(Dataset items)
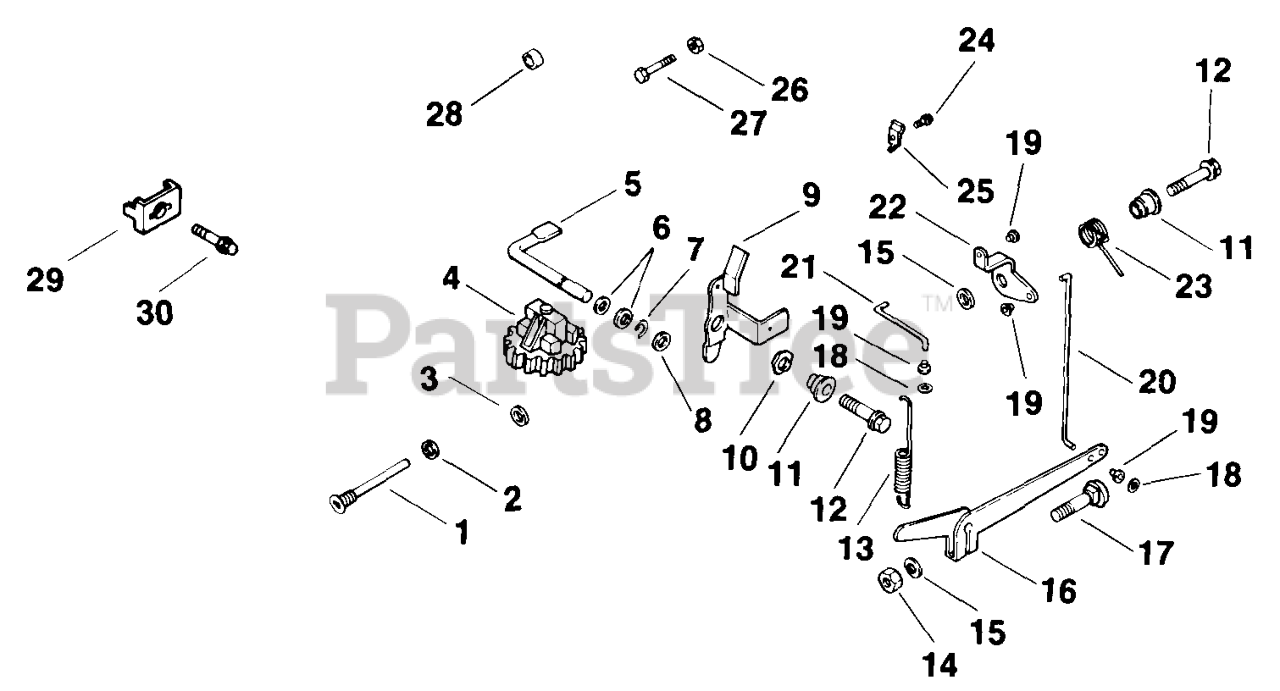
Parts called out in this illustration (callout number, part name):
1	Pin, Governor Stop
2	Washer, Plain 1/4"
3	Washer, Governor Gear Thrust
4	Kit, Governor Gear
5	Shaft, Governor Cross
6	Washer, Plain 1/4"
7	Retainer, Governor
8	Washer, Plain 1/4"
9	Lever, Speed Control
10	Washer, Tension
11	Bushing, Lever
12	Screw, Hex. Wash. Hd. 1/4-20x1"
13	Spring, Governor
14	Nut, Hex. 1/4-20
15	Washer, Plain 1/4"
16	Arm, Governor
17	Bolt, R.H. Sq. Neck. 1/4-20x1"
18	Ring, Retaining
19	Bushing, Linkage Retaining
20	Linkage, Governor
21	Linkage, Throttle
22	Lever, Throttle
23	Spring, Torsion
24	Screw, Hex. Wash. Hd. 10-24x3/8"
26	Nut, Hex. 10-32
27	Screw, Ind. Hex. Hd. 10-32x1-3/4"
28	Spacer 1/4" I.D. X 3/8" O.D.
30	Screw, Hex. Wash. Hd. 1/4-20x5/8"
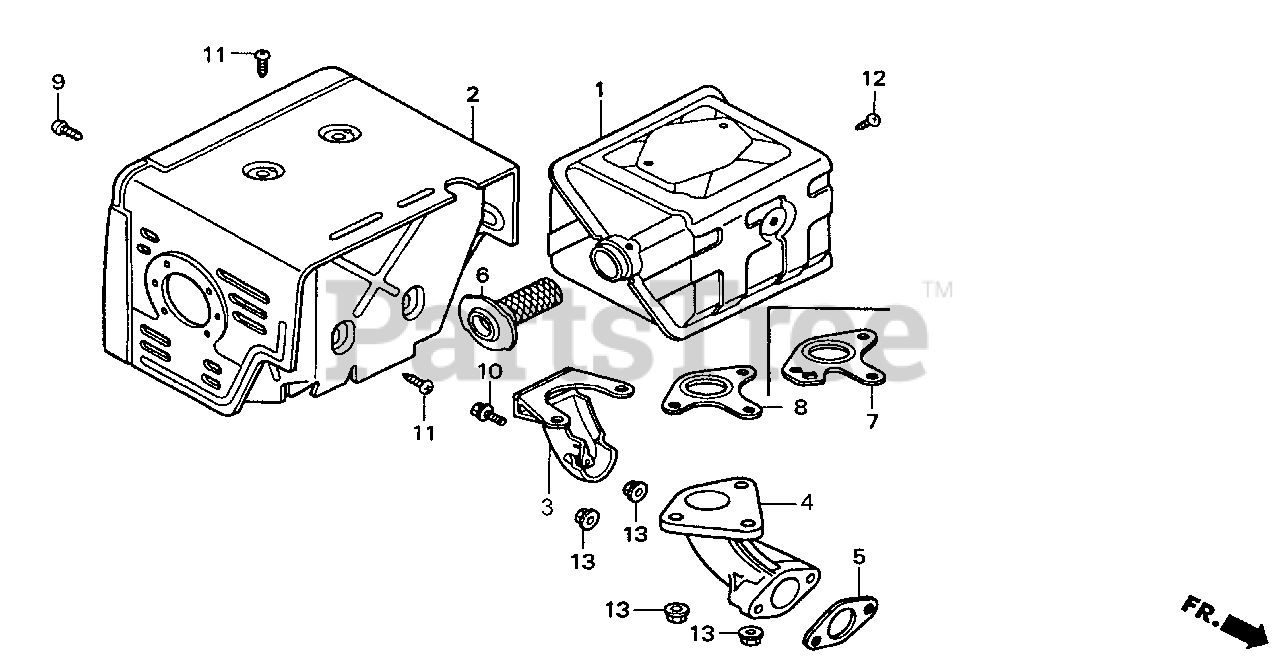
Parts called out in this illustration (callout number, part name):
1	MUFFLER (100DB) (SILENT)
1	MUFFLER (100DB)
2	PROTECTOR, MUFFLER
4	PIPE, EX.
5	GASKET, EX. PIPE
5	GASKET, EX. PIPE (WACKER)
8	GASKET, MUFFLER
9	SCREW, TAPPING (6X10)
11	SCREW, TAPPING (5X8)
13	NUT, FLANGE (8MM)

Task description = Where does the word "Gear" appear in the records above? Return every line that holds it.

Answer to this problem =
3	Washer, Governor Gear Thrust
4	Kit, Governor Gear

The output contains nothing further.